Day 10: Our Ways are Unfair

Our Ways are Unfair

Today’s Readings

“Is it my way that is unfair, or rather, are not your ways unfair?” asks the Lord to the people of Israel through the prophet Ezekiel.

I can tell you with confidence: it’s not the divine law of God that unfairly governs the U.S.-Mexico border. It’s human laws, and those laws are marked by injustice and create a situation of chaos for the poor and vulnerable.

Take for example Milene, a 23-year-old migrant from Honduras, who has been traveling with her husband since October, after her brother-in-law was murdered by the local cartel. She left her home behind in haste and already a few months into her pregnancy. Now she sits waiting in northern Mexico, logging into an app every day that the U.S. government is using for scheduling appointments to seek entry into the U.S. for humanitarian reasons. The appointments fill up in seconds, like tickets to a Taylor Swift concert. For three weeks running, Milene has been unable to schedule an appointment. Now her due date is just a week away. She shakes with fear when talking about the possibility of giving birth in a migrant shelter without access to proper health care. It could be a situation of life or death for her and her child. Can you imagine being in her shoes?

Our Ways are Unfair

Frs. Brian Strassburger and Louie Hotop, S.J., offer blessings to migrants at Casa del Migrante in Reynosa, Mexico.
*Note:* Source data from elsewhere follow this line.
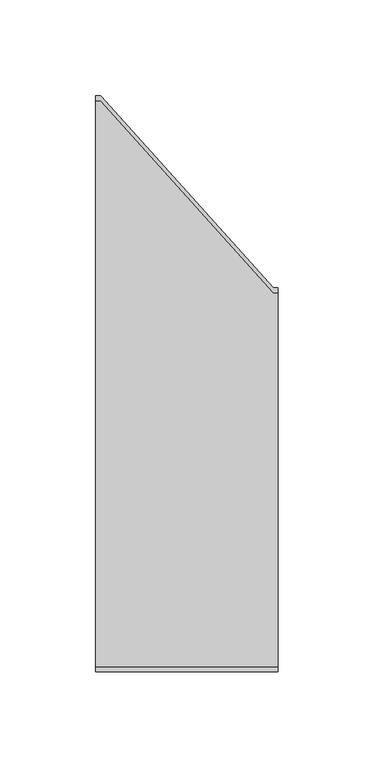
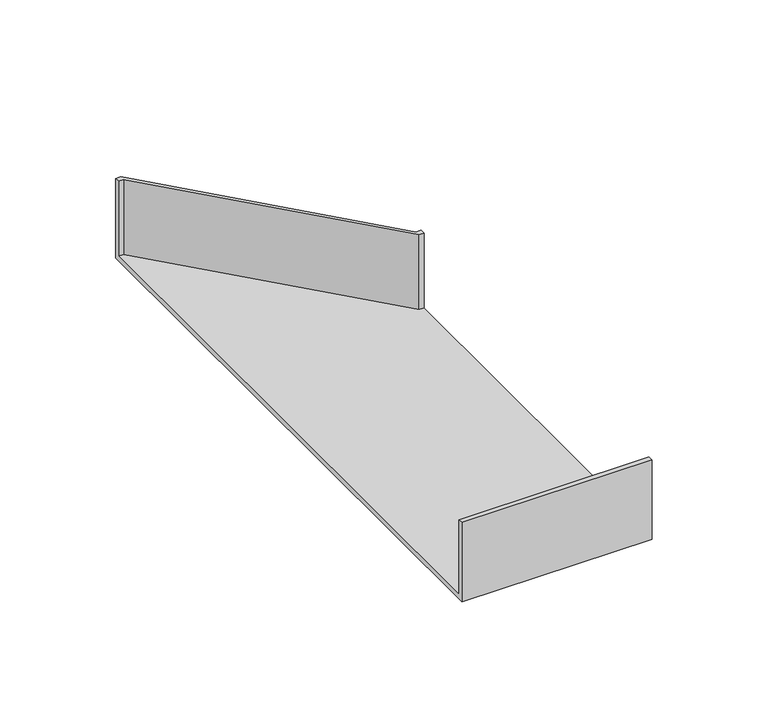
"""IFC4 building model written with IfcOpenShell, lengths in millimetres: cable carrier fitting geometry, BAKS_Reducer : RK(S/L/P)L_H42."""

from ifc_helpers import new_model, si_unit, origin, place, context, project, spatial, faceted_brep, source, transform, mapped, element, save


def cable_carrier_fitting_70c157f5(model_context):
    return source(origin(), model_context, "Body", "Brep", [
        faceted_brep([(0.0, -150.0, -21.0), (0.0, -150.0, 21.0), (0.0, -147.46, 21.0), (0.0, -147.46, -18.46), (0.0, 147.46, -18.46), (0.0, 147.46, 21.0), (0.0, 150.0, 21.0), (0.0, 150.0, -21.0), (95.0, -150.0, -21.0), (95.0, 50.0, -21.0), (95.0, 50.0, 21.0), (95.0, 47.46, 21.0), (95.0, 47.46, -18.46), (95.0, -147.46, -18.46), (95.0, -147.46, 21.0), (95.0, -150.0, 21.0), (92.5, 47.46, -18.46), (2.5, 147.46, -18.46), (2.5, 147.46, 21.0), (92.5, 47.46, 21.0), (92.5, 50.0, 21.0), (2.5, 150.0, 21.0), (2.5, 150.0, -21.0), (92.5, 50.0, -21.0)], [[[0, 1, 2, 3, 4, 5, 6, 7]], [[8, 9, 10, 11, 12, 13, 14, 15]], [[1, 0, 8, 15]], [[2, 1, 15, 14]], [[3, 2, 14, 13]], [[4, 3, 13, 12, 16, 17]], [[5, 4, 17, 18]], [[6, 5, 18, 19, 11, 10, 20, 21]], [[7, 6, 21, 22]], [[8, 0, 7, 22, 23, 9]], [[12, 11, 19, 16]], [[10, 9, 23, 20]], [[23, 22, 21, 20]], [[19, 18, 17, 16]]]),
    ])


if __name__ == "__main__":
    model = new_model("IFC4")
    model_context = context("Model", 3, world=origin())
    ifc_project = project(units=[si_unit("LENGTHUNIT", "METRE", prefix="MILLI")], contexts=[model_context])
    site = spatial("IfcSite", under=ifc_project)
    building = spatial("IfcBuilding", under=site)
    placement = place(None, origin())
    cable_carrier_fitting_shape = cable_carrier_fitting_70c157f5(model_context)
    element("IfcCableCarrierFitting", 1, ObjectType="BAKS_Reducer : RK(S/L/P)L_H42", at=placement, inside=building, context=model_context, shape_type="MappedRepresentation", body=[
        mapped(cable_carrier_fitting_shape, transform((0.0, 0.0, 0.0), x_axis=(1.0, 0.0, 0.0), y_axis=(0.0, 1.0, 0.0), z_axis=(0.0, 0.0, 1.0))),
    ])
    save(model, "model.ifc")

“Is it my way that is unfair, or rather, are not your ways unfair?” asks the Lord.

Where can we find God in the chaos of Milene’s situation? It actually shines quite brightly if you know where to look. She sits front and center during our celebration of Mass at the migrant shelter. She raises her hands in praise of God and bows her head in prayer. Her faith is a source of strength and hope, and she turns to God daily.

Let us turn to God, too. The divine laws of God remind us that we are all united in Christ. Our human laws divide and separate us. Inspired by brave women like Milene, let us work together to build bridges and not walls, and to help the grace of God break through the chaos of our world.

For Reflection:

  • How are you called to advocate for policies and laws that are just and humane—that address injustices that create “chaos for the poor and vulnerable?”
5 replies
  1. sonja
    sonja says:

    I was lucky to be raised in a family that worked for justice and helped those less fortunate than us. So in turn I do what I can. It may not seem much compared to Milene.
    My father taught me don’t waste time dealing with monkeys, always go to the top and this is what I continue to do, whether it be to get counselling for teens, or the right to work for senior migrants who are not entitled to the pension.

  2. Lynn
    Lynn says:

    I couldn’t agree more w Fr. Brian that US laws re immigration, esp. at the Mexico/US border are broken and unfair. And I agree that we must step up as humans, Christians and citizens to work at changing those laws. Where I think his reflection falters is in seeming to place all the responsibility for Milene’s problems on the US. What of Honduras? Of Mexico? of cartels that are ruining lives? Of migrants who decide to come north knowing that they will have a problem entering–yet they come and then complain because they can’t get in? Why not apply to settle in Mexico or another country?Every human being has free will and has to make choices that have consequences. It is well known that the US will not take every person who applies and that they will “live” in Mexico for months or years. It was Milene’s choice to face this consequence. Perhaps Fr. Brian needs to go to Honduras to work eliminating the cartels and getting the Honduran government to make its laws fair, to protect its citizens, etc. We will not fix anything by taking every migrant who wishes entry. Our border is not the root cause of their problem and justice gets to the root cause or else it is simply charity. Charity doesn’t bring change. What Fr. Brian is doing is noble and charitable but it is not creating a just world. My heart goes out to Milene, and if she needs a sponsor I would do it–but the reflection today neither challenges nor inspires me.

    • Alan R
      Alan R says:

      Yes,countries other than the US bear some of the responsibility however the US holds all the ” true power” in this situation especially given the US history. And we pray

    • Peggy Ehling
      Peggy Ehling says:

      Lynn –

      I am sure that if Fr. Brian were aiming his Lenten reflection at the lawmakers, cartels, or citizens of Honduras he would have had a different message–one calling out their responsibility for injustice. But for those of us who live in the US, our responsibility is for the injustice we in the US are committing with our laws and policies. Pointing out the specks or lumps or logs in other’s eyes does nothing to remove the logs or lumps or specks in our own. St. Paul notwithstanding, no one can be all things to all people. One short reflection cannot possibly address every cause of the misery at our border. Surely you can understand why this particular message was directed our way–we are the only ones who can do anything about our part in this injustice. And we need to do it. Regardless of what anyone else does.